Based on the above limitations, some genes may have as few as one probe set. Generally, genes with at least three probe sets have robust detection, while those with one or two probe sets run the risk of not being detected. In the panel design process, we may include fewer than the default number of probe sets for a gene if it is very highly expressed to maximize the optical budget efficiency. A reduction in probe sets for a given gene results in an approximately linear decrease in sensitivity. For example, the detection efficiency for a given gene decreases by ~50% if probe sets are reduced from eight to four.

In Xenium panel designs, the FASTA file contains the panel probe sequences in FASTA format, as represented on the probes and reverse-complement to the targeted transcript in FASTA format. The sequence ID consists of the transcript ID, gene name, and a unique identifying string, e.g. ENSG00000134440|NARS|1f419e5.

In Xenium panel designs, the 13 column BED detail file contains the sequences and genomic coordinates of the probes. For a description of each column in this file, please see BED format specs. For the entry name (column 4), we format it as {GENE SYMBOL} ({ENSEMBL ID}) | {CODEWORD} | {INDEX}. The codeword, as well as the probe set group the entry is in, are also tabulated in column 13. The underlying genomic references are GRCh38 for human and GRCm38 for mouse.

This file may be used to visualize the probe locations with genome browsers like IGV (Integrated Genomics Viewer) and the UCSC Genome Browser, or to intersect the probe locations with other genomic features of interest using tools like bedtools.
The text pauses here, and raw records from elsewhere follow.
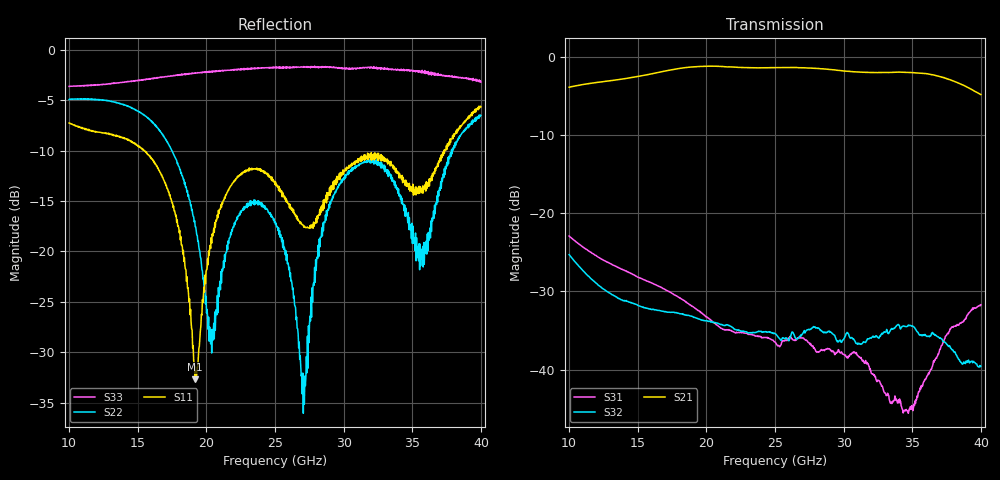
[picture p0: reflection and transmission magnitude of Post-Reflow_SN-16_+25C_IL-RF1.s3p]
!Agilent Technologies,N5245A,US49150155,A.09.90.19
!Agilent N5245A: A.09.90.19
!Date: Monday, November 12, 2018 23:21:20
!Correction: S11(Full 3 Port(1,2,3))
!S12(Full 3 Port(1,2,3))
!S13(Full 3 Port(1,2,3))
!S21(Full 3 Port(1,2,3))
!S22(Full 3 Port(1,2,3))
!S23(Full 3 Port(1,2,3))
!S31(Full 3 Port(1,2,3))
!S32(Full 3 Port(1,2,3))
!S33(Full 3 Port(1,2,3))
!S3P File: Measurements: <S11,S12,S13>,
!<S21,S22,S23>,
!<S31,S32,S33>:
# Hz S  dB  R 50
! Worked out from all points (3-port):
!   801 points, 10 GHz to 40 GHz, reference 50 ohm
!   strongest paths, dB at 10 GHz, 17.5 GHz, 25 GHz, 32.5 GHz, 40 GHz:
!     S21: -3.9, -1.6, -1.4, -2.0, -4.8
!     S32: -25.3, -32.7, -35.4, -35.9, -39.5
!     S31: -22.9, -30.2, -36.5, -41.3, -31.7
!   lowest |S11| = -32.7 dB at 19.19 GHz (marker M1), VSWR 1.05, Z = 47.8 - j0.289 ohm
!   |S11| at or under -10 dB: 15.46 GHz to 37.3 GHz (21.84 GHz wide, 82.8 % of centre); 37.30283 GHz to 37.36515 GHz (62.32 MHz wide, 0.167 % of centre)
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1e10  -7.27 8.3  -3.86 -159.2  -22.90 81.2
      -3.86 -159.0  -4.94 -105.0  -25.30 14.5
      -22.90 81.6  -25.28 14.6  -3.64 59.1
1.5175e10  -9.66 -145.3  -2.44 89.1  -28.28 -12.3
           -2.43 89.2  -6.20 160.9  -31.92 -77.7
           -28.29 -11.8  -31.89 -77.5  -3.02 -44.8
1.91875e10  -32.70 -172.5  -1.24 -1.2  -32.18 -86.8
            -1.24 -1.0  -17.56 89.3  -33.35 -161.7
            -32.16 -86.0  -33.35 -161.2  -2.29 -109.9
2.035e10  -18.64 -105.3  -1.18 -28.3  -33.74 -104.6
          -1.17 -28.1  -27.75 135.9  -33.95 173.0
          -33.71 -104.4  -33.92 173.3  -2.18 -126.7
2.5e10  -13.38 177.2  -1.36 -132.1  -36.49 -165.6
        -1.36 -132.0  -17.05 112.1  -35.39 66.0
        -36.49 -165.0  -35.41 66.8  -1.79 175.9
2.71e10  -17.61 176.4  -1.37 179.9  -36.02 160.3
         -1.37 -179.8  -32.42 -26.5  -35.23 26.0
         -36.00 160.6  -35.16 26.8  -1.67 151.4
3.085e10  -11.04 -178.0  -1.91 93.8  -37.92 98.3
          -1.90 94.3  -11.78 165.7  -36.59 -68.7
          -37.91 97.9  -36.43 -67.9  -1.83 106.6
3.4975e10  -13.60 146.4  -2.01 -4.5  -44.97 71.4
           -2.00 -4.0  -17.22 28.9  -34.45 -167.5
           -44.60 72.8  -34.45 -167.0  -2.08 47.5
3.74125e10  -9.92 164.6  -2.75 -68.9  -35.77 53.4
            -2.73 -68.8  -11.59 -151.6  -36.59 99.8
            -35.73 53.5  -36.53 100.6  -2.64 6.9
4e10  -5.66 119.1  -4.80 -136.3  -31.76 -15.8
      -4.81 -136.1  -6.52 128.6  -39.59 -43.5
      -31.70 -14.6  -39.55 -42.5  -3.19 -38.6

The BED file information is useful for determining whether probes span exon-exon junctions. For example, probe ENSG00000134440|NARS|1f419e5, has the following sequence:

>ENSG00000134440|NARS|1f419e5 TCCTTCTAACGCACCAATCTTCACACATTTTGGCTCTGGG

And its BED record shows the coordinates in the top row below:

chr18 57613656 57615656 NARS (ENSG00000134440) | 168 | 7 0 + 57613656 57615656 35,23,27 2 24,16 0,1984 Codeword: 168, Probeset: 1

Loading the BED file in IGV shows this probe spans two exons:

By zooming in, we see the probe sequence as represented in the FASTA file is the reverse-complement of the transcript sequence:

Sensitivity refers to the fraction of transcripts detected per cell, i.e. the ratio between the number of transcripts observed and the number of transcripts actually present in the cell. Since it is usually not possible to know the true number of transcripts present, it is typically difficult to quantify sensitivity in absolute terms.

Like other single cell technologies (e.g., Chromium Single Cell 3’ Gene Expression and Chromium Single Cell Gene Expression Flex), Xenium in situ data analysis does not detect every transcript of a given gene present in a cell. Cell-by-cell variation in the fraction of transcripts detected manifests as technical variation (noise) in the number of observed transcript counts per cell.

For a given cell type, utilization describes the fraction of a cell's transcriptome that a Xenium Gene Expression panel is targeting. It is measured in units of "TP10K" (transcripts per 10,000).

Higher utilization values can indicate higher predictions of transcript density for cells belonging to a given cell type.

To calculate utilization per gene (measured in units of TP10K) from single cell data, we first calculate the mean expression of each gene in all cells labeled with a given cell type and then scale the resulting profile so it sums to 10,000. This is done by dividing all values of the profile by the total sum and multiplying by 10,000. To calculate utilization of the panel, we sum the TP10K values for all genes on the panel.

This method is similar to how bulk RNA-seq expression profiles are calculated, sometimes in units of "TPM" (transcripts per million). Here, we scale to 10,000 in order to obtain relative values that are closer to the absolute number of transcripts observed.